Berita Terbaru Kabupaten Trenggalek

Wawancara Eksklusif: Novita Hardini Istri Bupati Trenggalek Buka-bukaan Alasan Nyaleg DPR RI

Novita Hardini, istri Bupati Trenggalek menyatakan ingin menjadi anggota Legislatif demi

Editor: eben haezer
Sofyan Arif Chandra/Tribun Mataraman
Novita Hardini, istri Bupati Trenggalek 

TRIBUNMATARAMAN.COM - Pemilu 2024 diwarnai tampilnya istri para kepala daerah di Jawa Timur yang maju sebagai caleg.

Satu diantaranya adalah Novita Hardini yang merupakan Istri Bupati Trenggalek,Mochamad Nur Arifin.

Novita tercatat sebagai caleg DPR RI dapil Jatim VII (Ngawi, Ponorogo, Trenggalek, Pacitan dan Magetan) dari PDI Perjuangan. 

Meski merupakan pendatang baru, Novita Optimistis terpilih pada Pemilu 2024.

Salah satu alasannya adalah pengalaman sosial Novita yang menjabat sebagai Ketua TP PKK Kabupaten Trenggalek, serta elektabilitas Novita yang cukup moncer jelang Pemilu 14 Februari 2024 mendatang. 

"Salah satunya saya ingin mengawal aspirasi perempuan," kata Novita saat hadir dalam Talkshow Politik Tribun Series bertajuk 'Istri Kepala Daerah Rame-Rame Ikut Nyaleg (Numpang Pamor, Mau Saingi Suami atau Panggilan Hati)' di Studio TribunJatim Network, Rabu (17/1/2024). 

Bagi Novita, keputusan untuk maju ke politik didasari oleh keinginan yang kuat untuk memberikan manfaat yang lebih besar.
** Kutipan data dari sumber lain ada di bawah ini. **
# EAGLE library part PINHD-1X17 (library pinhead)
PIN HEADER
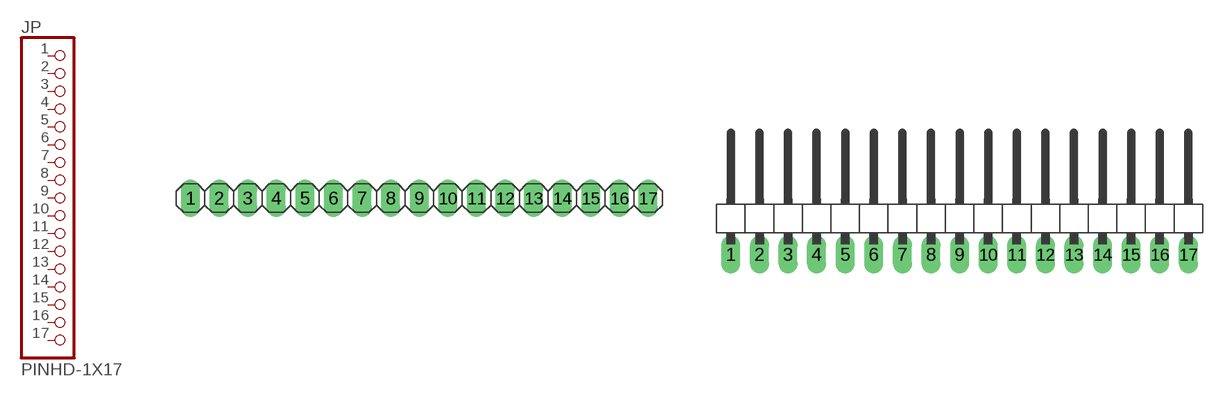
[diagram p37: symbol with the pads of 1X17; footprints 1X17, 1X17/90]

Designator prefix JP

## PINHD-1X17  [1X17]
1  1  pas
2  2  pas
3  3  pas
4  4  pas
5  5  pas
6  6  pas
7  7  pas
8  8  pas
9  9  pas
10  10  pas
11  11  pas
12  12  pas
13  13  pas
14  14  pas
15  15  pas
16  16  pas
17  17  pas

## PINHD-1X17/90  [1X17/90]
Pads as for 1X17

## Footprint 1X17 (pad centres in mm)
PIN HEADER
drill 1.016 pad 1.67 long: 1 -20.32,0; 2 -17.78,0; 3 -15.24,0; 4 -12.7,0; 5 -10.16,0; 6 -7.62,0; 7 -5.08,0; 8 -2.54,0; 9 0,0; 10 2.54,0; 11 5.08,0; 12 7.62,0; 13 10.16,0; 14 12.7,0; 15 15.24,0; 16 17.78,0; 17 20.32,0

## Footprint 1X17/90 (pad centres in mm)
PIN HEADER
drill 1.016 pad 1.67 long: 1 -20.32,-3.81; 2 -17.78,-3.81; 3 -15.24,-3.81; 4 -12.7,-3.81; 5 -10.16,-3.81; 6 -7.62,-3.81; 7 -5.08,-3.81; 8 -2.54,-3.81; 9 0,-3.81; 10 2.54,-3.81; 11 5.08,-3.81; 12 7.62,-3.81; 13 10.16,-3.81; 14 12.7,-3.81; 15 15.24,-3.81; 16 17.78,-3.81; 17 20.32,-3.81

Lantas seperti apa dukungan sang suami hingga pandangan Novita mengenai persaingan politik di Pemilu mendatang?. 

Simak selengkapnya dalam petikan wawancara yang dipandu oleh Manajer Editor Online TribunJatim Network Mujib Anwar berikut ini ;

Bisa anda ceritakan mengapa akhirnya terjun ke politik?

Novita : "Sebenarnya jauh sebelum menikah, saya sudah seorang aktivis. Dimulai sejak sekolah saya sudah membiayai diri sendiri.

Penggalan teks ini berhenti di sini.